Variety is good for many things. How boring the world would be if we were all the same! (especially if we all were like one that is now occurring to me). We like to go to different places, eating different meals, meet different people and have fun in different environments. But there’re things for which variety is a pain in the ass.
Think we have a set of clinical trials on the same topic and we want to perform a meta-analysis to obtain a global outcome. In this situation, we need as less variability as possible among studies if we’re going to combine them. Because, ladies and gentlemen, here prevails to be side by side but not eye to eye.
Before thinking about combining the studies from a systematic review to perform a meta-analysis we should always carry out a preliminary asses of the heterogeneity of primary studies, which is just the measure of the variability that exists among the estimates that have been obtained in each of these studies.
First, we’ll investigate possible causes of heterogeneity, such us differences in treatment, variability among populations from different studies, and differences in trial designs.

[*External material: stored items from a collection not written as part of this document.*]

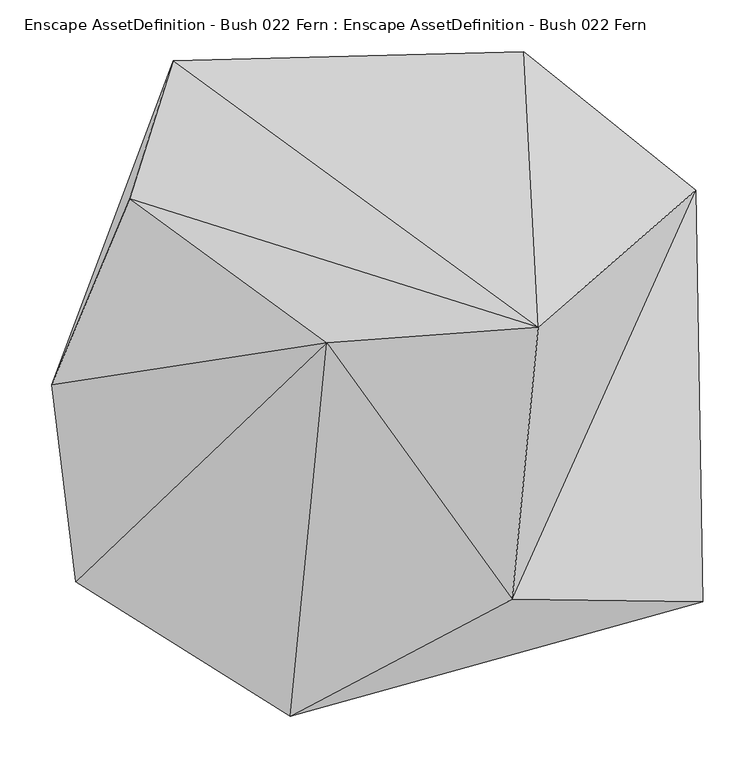
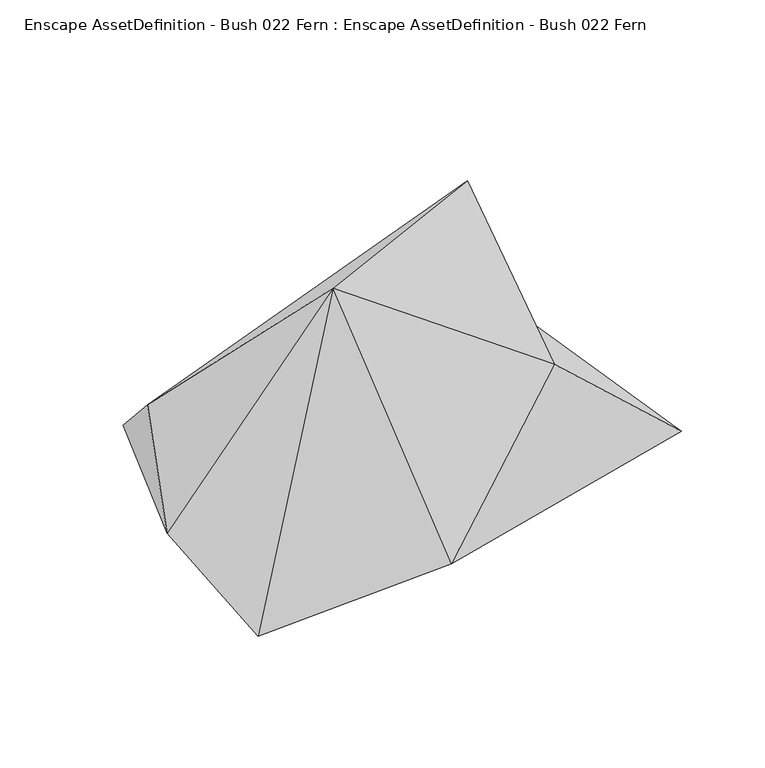
"""IFC4 building model written with IfcOpenShell, lengths in millimetres: geographic element geometry, Enscape AssetDefinition - Bush 022 Fern : Enscape AssetDefinition - Bush 022 Fern."""

from ifc_helpers import new_model, si_unit, origin, place, context, project, spatial, faceted_brep, source, transform, mapped, element, save


def enscape_assetdefinition_bush_022_fern_enscape_16470abe(model_context):
    return source(origin(), model_context, "Body", "Brep", [
        faceted_brep([(-237.1029854, 165.6155586, 164.089337), (-47.436472, 26.9630011, 361.0720038), (156.4911604, 41.8980867, 446.0159242), (-312.0678067, -13.4198414, 101.9497737), (-289.0363634, -203.1974643, 50.9199388), (131.4267814, -220.2729434, 331.5717876), (-82.5495422, -332.7048719, 168.5667038), (142.4339563, 306.9921732, 28.7053473), (308.2143664, 173.6044735, 108.4637195), (0.0, 0.0, -3.9840727), (314.9578571, -222.6221114, 165.6070352), (-195.3037977, 298.6308336, 37.6759209)], [[[0, 1, 2]], [[3, 1, 0]], [[4, 1, 3]], [[5, 1, 6]], [[2, 1, 5]], [[7, 2, 8]], [[4, 3, 9]], [[8, 5, 10]], [[2, 7, 11]], [[4, 10, 6]], [[5, 8, 2]], [[10, 9, 8]], [[8, 9, 7]], [[4, 9, 10]], [[9, 3, 11]], [[9, 11, 7]], [[6, 10, 5]], [[6, 1, 4]], [[3, 0, 11]], [[0, 2, 11]]]),
    ])


if __name__ == "__main__":
    model = new_model("IFC4")
    model_context = context("Model", 3, world=origin())
    ifc_project = project(units=[si_unit("LENGTHUNIT", "METRE", prefix="MILLI")], contexts=[model_context])
    site = spatial("IfcSite", under=ifc_project)
    building = spatial("IfcBuilding", under=site)
    placement = place(None, origin())
    enscape_assetdefinition_bush_022_fern_enscape_shape = enscape_assetdefinition_bush_022_fern_enscape_16470abe(model_context)
    element("IfcGeographicElement", 1, ObjectType="Enscape AssetDefinition - Bush 022 Fern : Enscape AssetDefinition - Bush 022 Fern", at=placement, inside=building, context=model_context, shape_type="MappedRepresentation", body=[
        mapped(enscape_assetdefinition_bush_022_fern_enscape_shape, transform((0.0, 0.0, 0.0), x_axis=(1.0, 0.0, 0.0), y_axis=(0.0, 1.0, 0.0), z_axis=(0.0, 0.0, 1.0))),
    ])
    save(model, "model.ifc")

# Revit data of these elements
# Type "Enscape AssetDefinition - Bush 022 Fern : Enscape AssetDefinition - Bush 022 Fern"
#   EnscapeAssetSource = "REMOTE"
#   EnscapeAssetId = "ca3fb51f-7cfd-4e9f-8287-cedadb532316"
#   Height = 0.446016 m
#   EnscapeNativeAssetHeight = 0.446016 m
#   Default Elevation = 0
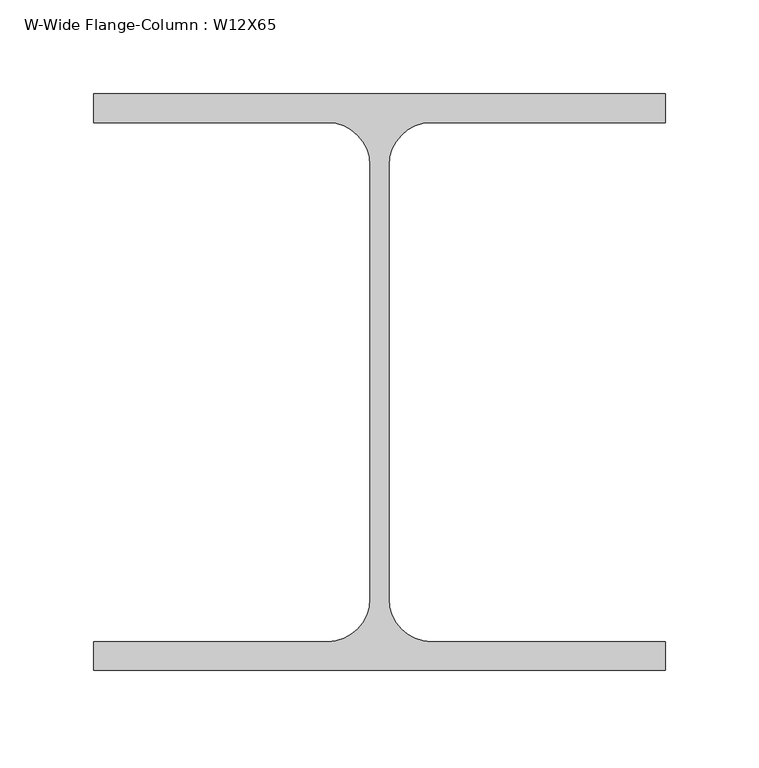
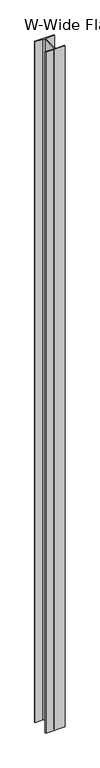
"""IFC4 building model written with IfcOpenShell, lengths in millimetres: column geometry, W-Wide Flange-Column : W12X65."""

from ifc_helpers import new_model, si_unit, point, frame, frame_2d, origin, place, context, project, spatial, polyline, circle_curve, trimmed, segment, composite_curve, outline, extrude, source, transform, mapped, element, save


def w_wide_flange_column_w12x65_65ba1ebc(model_context):
    return source(origin(), model_context, "Body", "SweptSolid", [
        extrude(outline(composite_curve([segment(polyline([(152.4, 153.67), (152.4, 138.303), (27.686, 138.303)]), True, "CONTINUOUS"), segment(trimmed(circle_curve(frame_2d((27.686, 115.57)), 22.733), [point((27.686, 138.303))], [point((4.953, 115.57))], True, "CARTESIAN"), True, "CONTINUOUS"), segment(polyline([(4.953, 115.57), (4.953, -115.57)]), True, "CONTINUOUS"), segment(trimmed(circle_curve(frame_2d((27.686, -115.57)), 22.733), [point((4.953, -115.57))], [point((27.686, -138.303))], True, "CARTESIAN"), True, "CONTINUOUS"), segment(polyline([(27.686, -138.303), (152.4, -138.303), (152.4, -153.67), (-152.4, -153.67), (-152.4, -138.303), (-27.686, -138.303)]), True, "CONTINUOUS"), segment(trimmed(circle_curve(frame_2d((-27.686, -115.57)), 22.733), [point((-27.686, -138.303))], [point((-4.953, -115.57))], True, "CARTESIAN"), True, "CONTINUOUS"), segment(polyline([(-4.953, -115.57), (-4.953, 115.57)]), True, "CONTINUOUS"), segment(trimmed(circle_curve(frame_2d((-27.686, 115.57)), 22.733), [point((-4.953, 115.57))], [point((-27.686, 138.303))], True, "CARTESIAN"), True, "CONTINUOUS"), segment(polyline([(-27.686, 138.303), (-152.4, 138.303), (-152.4, 153.67), (152.4, 153.67)]), True, "CONTINUOUS")], self_intersect=False)), frame((0.0, 0.0, 11849.1), z_axis=(0.0, 0.0, 1.0), x_axis=(1.0, 0.0, 0.0)), (0.0, 0.0, 1.0), 11468.1),
    ])


if __name__ == "__main__":
    model = new_model("IFC4")
    model_context = context("Model", 3, world=origin())
    ifc_project = project(units=[si_unit("LENGTHUNIT", "METRE", prefix="MILLI")], contexts=[model_context])
    site = spatial("IfcSite", under=ifc_project)
    building = spatial("IfcBuilding", under=site)
    placement = place(None, origin())
    w_wide_flange_column_w12x65_shape = w_wide_flange_column_w12x65_65ba1ebc(model_context)
    element("IfcColumn", 1, ObjectType="W-Wide Flange-Column : W12X65", at=placement, inside=building, context=model_context, shape_type="MappedRepresentation", body=[
        mapped(w_wide_flange_column_w12x65_shape, transform((0.0, 0.0, 0.0), x_axis=(1.0, 0.0, 0.0), y_axis=(0.0, 1.0, 0.0), z_axis=(0.0, 0.0, 1.0))),
    ])
    save(model, "model.ifc")

# Revit data of these elements
# Type "W-Wide Flange-Column : W12X65"
#   Assembly Code = "B10"
#   W = 65
#   bf = 1' - 0"
#   d = 1' - 0.1"
#   k = 0' - 1 1/2"
#   kr = 0' - 0.895"
#   tf = 0' - 0.605"
#   tw = 0' - 0.39"
#   A = 0.132639 SF
#   Structural Material [instance default] = Steel ASTM A992
# Element 1 (IfcColumn, "W-Wide Flange-Column : W12X65")
#   Materials on its faces: "Steel ASTM A992"
# Materials
#   "Steel ASTM A992": class "Metal", colour RGB 199 199 199, transparency 0, Description = "Structural steel 50ksi", Cost = 0

Once we are convinced that studies seem to be homogeneous enough to try to combine them, we should try to measure this heterogeneity in an objective way. To do this, various gifted brains have created a series of statistics that contribute to our common jungle of acronyms and initials.
Until recently, the most famous of those initials was the Cochran’s Q, which has nothing to do either with James Bond or our friend Archie Cochrane. Its calculation takes into account the sum of the deviations between each of the results of primary studies and the global outcome (squared differences to avoid positives cancelling negatives), weighing each study according to their contribution to overall result. It looks awesome but actually, no big deal. Ultimately, it’s no more than an aristocratic relative of chi-square test. Indeed, Q follows a chi-square distribution with k-1 degrees of freedom (being k the number of primary studies). We calculate its value, look at the frequency distribution and estimate the probability that differences are not due to chance, in order to reject our null hypothesis (which assumes that observed differences among studies are due to chance). But, despite the appearances, Q has a number of weaknesses.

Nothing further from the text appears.